Knisley, Lucy. Relish: My Life in the Kitchen.

NY: First Second, 2013.

I’m a big fan of Knisley’s graphic novels, even though they usually contain no fiction whatsoever. She writes from her own experiences, often in a confessional style, and does it very well indeed.

She’s the daughter of a restaurant chef and a gourmet caterer, so she grew up surrounded by serious foodies, learning to eat raw oysters as a toddler and taking delight in fois gras after being harassed by vicious farm geese. She was carrying serving trays and hanging out with big-name New York restaurateurs when she was ten.

Then her parents divorced (though they apparently stayed friends) and her mother moved herself and her daughter to rural upstate New York (though Rhinebeck doesn’t mean “rural” the same way Nebraska or West Texas does), where Lucy became a country girl, rather to her own surprise, picking berries and running a stall in a farmers market. And learning about pre-sweetened junk food from school friends, to her mother’s horror. (She had been taking homemade tomato soup to school for lunch.)

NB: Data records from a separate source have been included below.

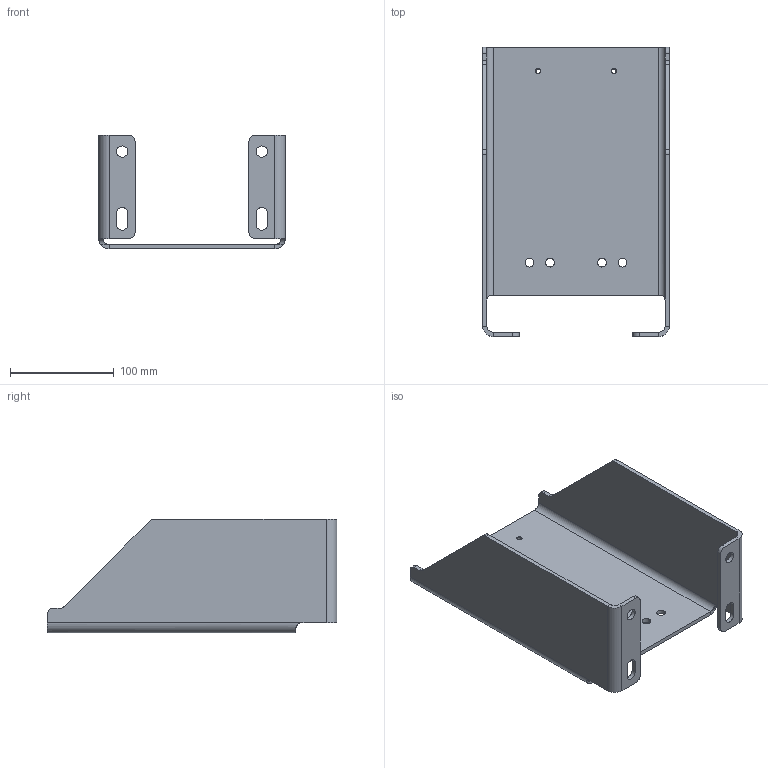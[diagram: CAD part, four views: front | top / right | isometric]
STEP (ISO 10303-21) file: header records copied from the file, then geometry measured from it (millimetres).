
FILE_DESCRIPTION((''),'2;1');
FILE_NAME('2027294','2018-10-11T',('thampe'),(''),'PRO/ENGINEER BY PARAMETRIC TECHNOLOGY CORPORATION, 2016100','PRO/ENGINEER BY PARAMETRIC TECHNOLOGY CORPORATION, 2016100','');
FILE_SCHEMA(('AUTOMOTIVE_DESIGN { 1 0 10303 214 1 1 1 1 }'));
Length unit declared in the file: millimetre
Products named in the file (1): 2027294
Bounding box: 180 x 279.5 x 110 mm (x, y, z)
Volume: 379847.5 mm3; surface area: 196896.3 mm2
Topology: 1 solids, 3 shells, 84 faces, 227 edges, 160 vertices
Faces by surface type: cylinder 44, plane 40
Entity records: 4055 total; most frequent: CARTESIAN_POINT 504, DIRECTION 475, ORIENTED_EDGE 416, PRESENTATION_STYLE_ASSIGNMENT 230, STYLED_ITEM 230, CURVE_STYLE 227, EDGE_CURVE 212, AXIS2_PLACEMENT_3D 167

But she’s been around, too. She and her mother visited old friends who had moved to Tokyo, where she discovered just how truly different Japanese food is from the Euro-American style. When she was in college, she backpacked around Europe with a friend and no money and no real plans — and discovered the world’s best croissants in Venice. And then there was that trip to the interior of Mexico, where she learned to love street food from vendors’ carts. Finally, when she was pursuing an art degree in Chicago, she found a job at a gourmet food shop, and became rather an expert cheesemonger — just as her mother had done thirty years before.

Scattered through the book are quirky recipes — more like mini-adventures, really, all nicely illustrated and with comments based on deep experience. In fact, the graphics throughout the narrative are, as always, exactly suited to the memories Lucy chooses to relate and reconsider. She’s a thoughtful, ruminative person, and it shows in both her text and her art. This book has won all sorts of awards, made the New York Times bestseller list, and received a YA award from the ALA. Yes, you can take that as a recommendation.